Multicanonical Spin Glass Simulations

TL;DR

This paper demonstrates that multicanonical Monte Carlo simulations effectively explore the energy landscape of 2D Edwards-Anderson spin glasses, providing insights into groundstates and reducing ergodicity times.

Contribution

The study introduces the application of multicanonical ensemble methods to 2D spin glasses, improving sampling efficiency and enabling analysis of groundstates and thermodynamic quantities.

Findings

Groundstate sampling allows estimation of independent groundstates.

Ergodicity time scales approximately as V^3 with system size.

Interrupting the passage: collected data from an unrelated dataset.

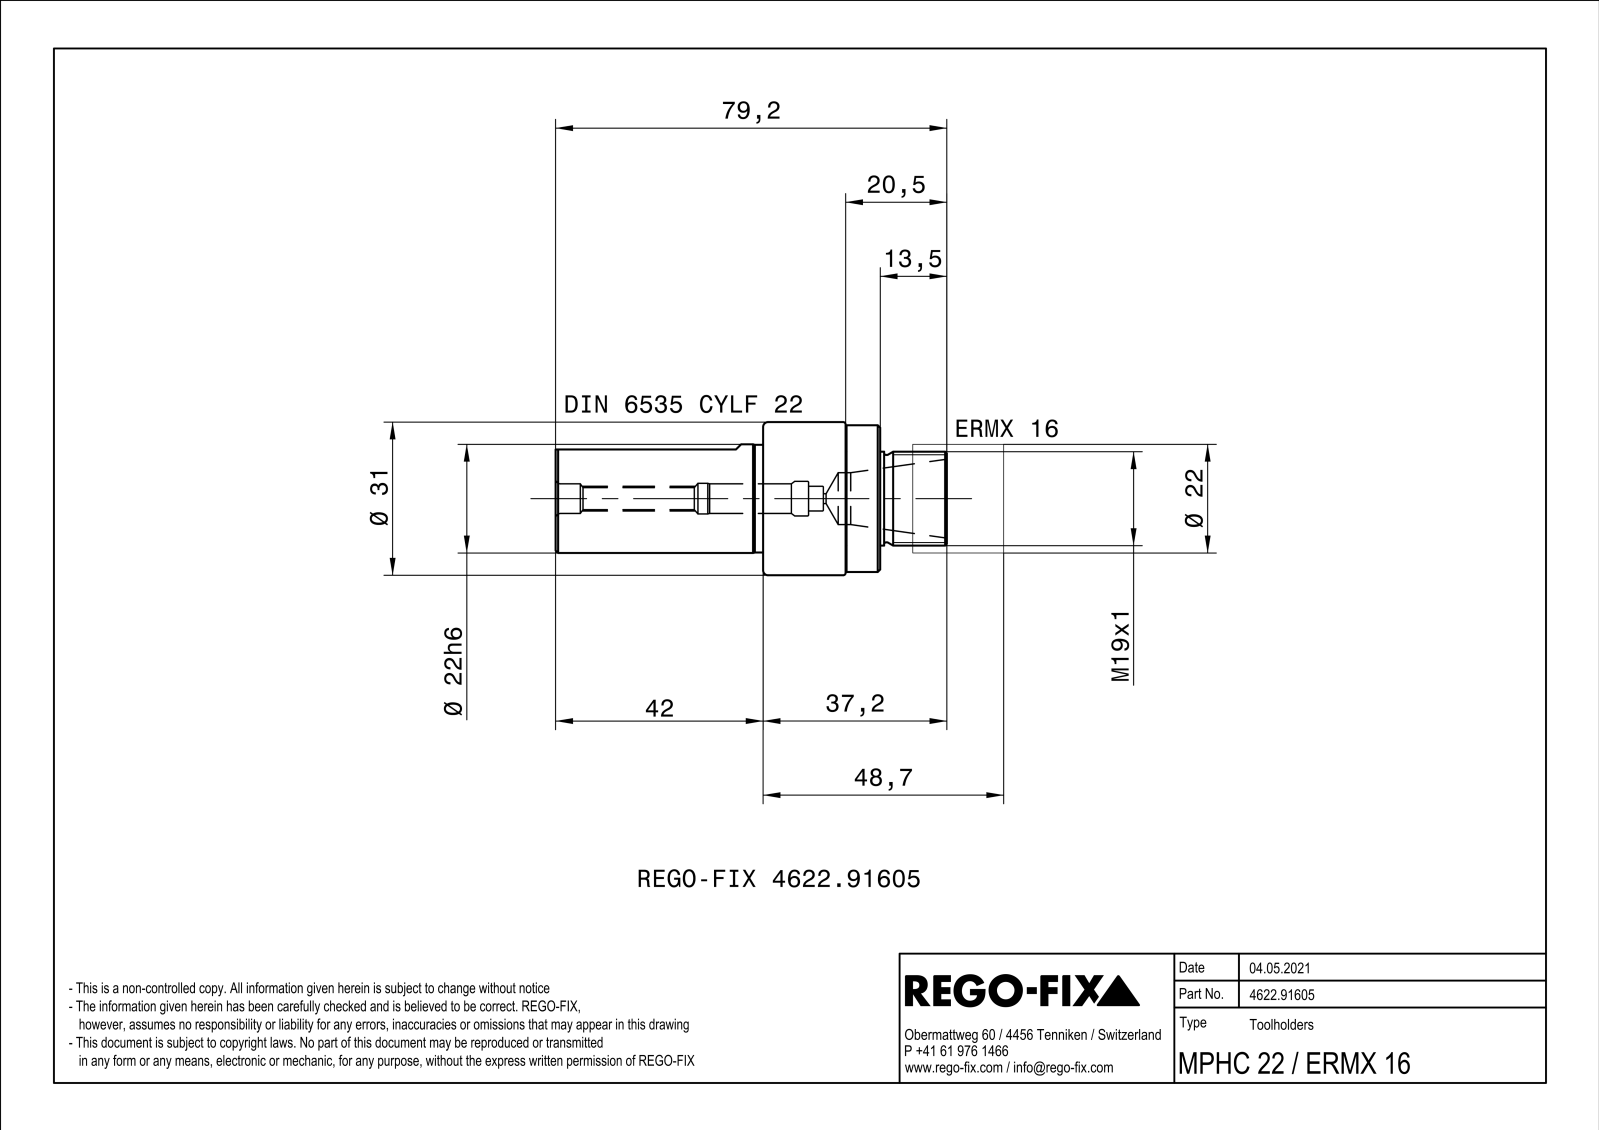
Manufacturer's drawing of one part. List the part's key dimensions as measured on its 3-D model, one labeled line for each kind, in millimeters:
Part name (STEP PRODUCT): NOCUT
STEP written by: SIEMENS PLM Software Solid Edge ST10 (AUTOMOTIVE_DESIGN)
Units: millimetres
Bodies: 6 solids, 110 faces (27 planar, 35 cylindrical, 48 other)
Overall size (bounding box): 79.2 × 31 × 31
Volume: 29 646 mm³ · Surface area: 17 024 mm²
Round holes (diameter × count): ⌀2.5 ×4, ⌀2.49 ×2, ⌀1.57 ×1, ⌀2 ×1, ⌀4.46 ×1, ⌀5 ×1, ⌀6 ×1, ⌀6.2 ×1, ⌀7 ×1, ⌀10.5 ×1, ⌀20 ×1, ⌀27 ×1
Round bosses / shafts (diameter × count): ⌀31 ×1, ⌀29.7 ×1, ⌀28 ×1, ⌀26 ×1, ⌀22 ×1, ⌀21.8 ×1, ⌀19 ×1, ⌀18.7 ×1
Main face-to-face distances: 16.7, 6, 2, 13.5, 10.7, 14.5, 7.5, 3.2, 1, 7
Hole centre spacings: 11.5, 16.26, 23

Multicanonical ensemble enhances simulation efficiency for spin glasses.

Abstract

We report a Monte Carlo simulation of the $2D$ Edwards-Anderson spin glass model within the recently introduced multicanonical ensemble. Replica on lattices of size $L^2$ up to $L=48$ are investigated. Once a true groundstate is found, we are able to give a lower bound on the number of statistically independent groundstates sampled. Temperature dependence of the energy, entropy and other quantities of interest are easily calculable. In particular we report the groundstate results. Computations involving the spin glass order parameter are more tedious. Our data indicate that the large $L$ increase of the ergodicity time is reduced to an approximately $V^3$ power law. Altogether the results suggest that the multicanonical ensemble improves the situation of simulations for spin glasses and other systems which have to cope with similar problems of conflicting constraints.